The Koenigsegg CCX was another early car. It was a bit larger than the CCR but still packed a mid-engine V8. The CCX had a carbon fiber body and a removable, stowable roof. Koenigsegg designed this car to meet worldwide safety and emissions standards. It was also the brand’s first model sold in the United States.

Ford and Koenigsegg engines

Guinness World Records certified the Koenigsegg CC8S’s engine as the most powerful in a series-produced car in 2002. It made 655 hp. Koenigsegg broke its own record in 2004 with the CCR, harnessing 806 hp. But the hybrid Gemera, launched in 2020, producing an insane 1,700 hp.

Early Koenigsegg cars used the Ford Modular engine. The CC8S in 2002 packed a 4.7-liter supercharged version. Though the Swedish hypercar maker now produces its own engines, parts of them still look like Ford V8 engines, Road & Track reports.

But early engine upgrades proved challenging. Christian von Koenigsegg reinforced the block and changed the crankcase gas recirculation system, pistons, connecting rods, and camshafts. Retained from the original Ford engine were the 90-degree angle and bore spacing. Eventually, Koenigsegg made so many changes to the Ford engine that it ended up creating its own.
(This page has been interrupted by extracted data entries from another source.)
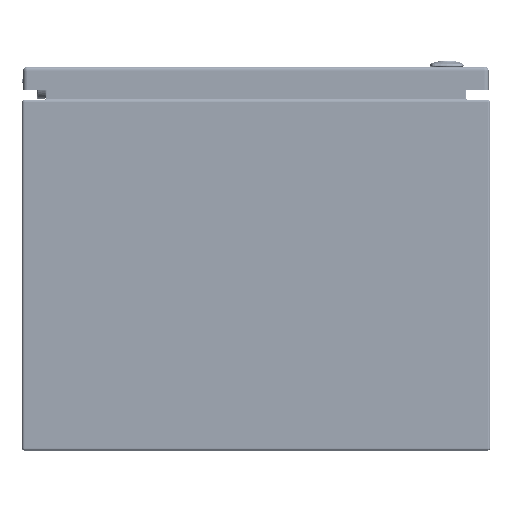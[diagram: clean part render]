
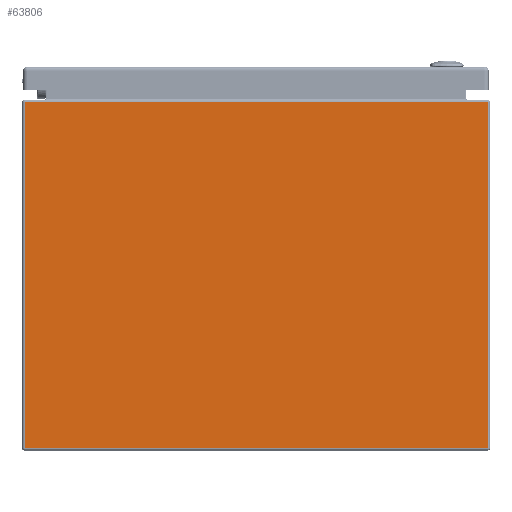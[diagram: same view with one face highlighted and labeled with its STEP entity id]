
A CAD part, front view. The second image highlights one B-rep face of the part: STEP entity #63806.
In plain terms, the highlighted planar face has unit normal (0, -1, 0).
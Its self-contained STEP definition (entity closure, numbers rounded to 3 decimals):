
#6080=LINE('',#90102,#10046);
#6087=LINE('',#90117,#10053);
#6089=LINE('',#90124,#10055);
#6091=LINE('',#90133,#10057);
#10046=VECTOR('',#74594,0.394);
#10053=VECTOR('',#74607,0.394);
#10055=VECTOR('',#74615,0.394);
#10057=VECTOR('',#74627,0.394);
#15070=FACE_OUTER_BOUND('',#19062,.T.);
#19062=EDGE_LOOP('',(#42505,#42506,#42507,#42508));
#25742=VERTEX_POINT('',#90072);
#25749=VERTEX_POINT('',#90098);
#25754=VERTEX_POINT('',#90116);
#25756=VERTEX_POINT('',#90122);
#32176=EDGE_CURVE('',#25742,#25749,#6080,.T.);
#32183=EDGE_CURVE('',#25749,#25754,#6087,.T.);
#32187=EDGE_CURVE('',#25756,#25742,#6089,.T.);
#32192=EDGE_CURVE('',#25756,#25754,#6091,.T.);
#42505=ORIENTED_EDGE('',*,*,#32176,.F.);
#42506=ORIENTED_EDGE('',*,*,#32187,.F.);
#42507=ORIENTED_EDGE('',*,*,#32192,.T.);
#42508=ORIENTED_EDGE('',*,*,#32183,.F.);
#62425=PLANE('',#68698);
#63806=ADVANCED_FACE('',(#15070),#62425,.F.);
#68698=AXIS2_PLACEMENT_3D('',#90144,#74641,#74642);
#74594=DIRECTION('',(1.,0.,0.));
#74607=DIRECTION('',(0.,0.,-1.));
#74615=DIRECTION('',(0.,0.,1.));
#74627=DIRECTION('',(1.,0.,0.));
#74641=DIRECTION('center_axis',(0.,1.,0.));
#74642=DIRECTION('ref_axis',(0.,0.,1.));
#90072=CARTESIAN_POINT('',(-7.916,-10.,11.916));
#90098=CARTESIAN_POINT('',(7.916,-10.,11.916));
#90102=CARTESIAN_POINT('',(3.979,-10.,11.916));
#90116=CARTESIAN_POINT('',(7.916,-10.,0.084));
#90117=CARTESIAN_POINT('',(7.916,-10.,6.));
#90122=CARTESIAN_POINT('',(-7.916,-10.,0.084));
#90124=CARTESIAN_POINT('',(-7.916,-10.,6.));
#90133=CARTESIAN_POINT('',(-3.958,-10.,0.084));
#90144=CARTESIAN_POINT('Origin',(0.,-10.,6.));

Grainer & Worrall in the United Kingdom engineers the new blocks out of aluminum, and Koenigsegg finishes them in-house.

Among the many changes is a unique combustion chamber design. That means the engine is more efficient at producing torque, doesn’t require race fuel, and produces acceptable emissions. Despite the radical engine design, it still uses an ordinary ignition coil from NGK, which the Lexus RC F also uses.

The bore spacing and head bolt locations remain the same as those in the Ford block. So you could mount a Ford cylinder head, but it likely wouldn’t function without modifications because the new engine has higher RPMs. “One thing that appears to have stayed the same through the years is the bellhousing bolt pattern,” Road & Track reports. “If someone were able to get their hands on any of these Koenigsegg engines and controllers, they could theoretically swap them into something like a 2004-2006 Ford GT.”

The first Koenigsegg engine appeared in the CCX, and 20 to 25 percent of its parts came from the Ford motor. Today’s Koenigsegg engines include only about 5 percent Ford engine parts. The Swedish automaker also now produces multiple engines, including naturally aspirated and twin-turbocharged varieties. The Koenigsegg 5.0-liter naturally aspirated V8 engine generates 600 hp; Ford’s 5.0-liter V8 produces 480 hp. And the Ford 5.2-liter Voodoo engine found in the GT350 and GT350R generates “just” 526 hp.

Koenigsegg engines may have grown out of an American classic, but the hypercar maker has seen a huge evolution. Only a trace of the Ford engine design remains. And with hypercar prices hovering around $2 or $3 million, Car and Driver reports, these models bear no resemblance to the Blue Oval-branded vehicles.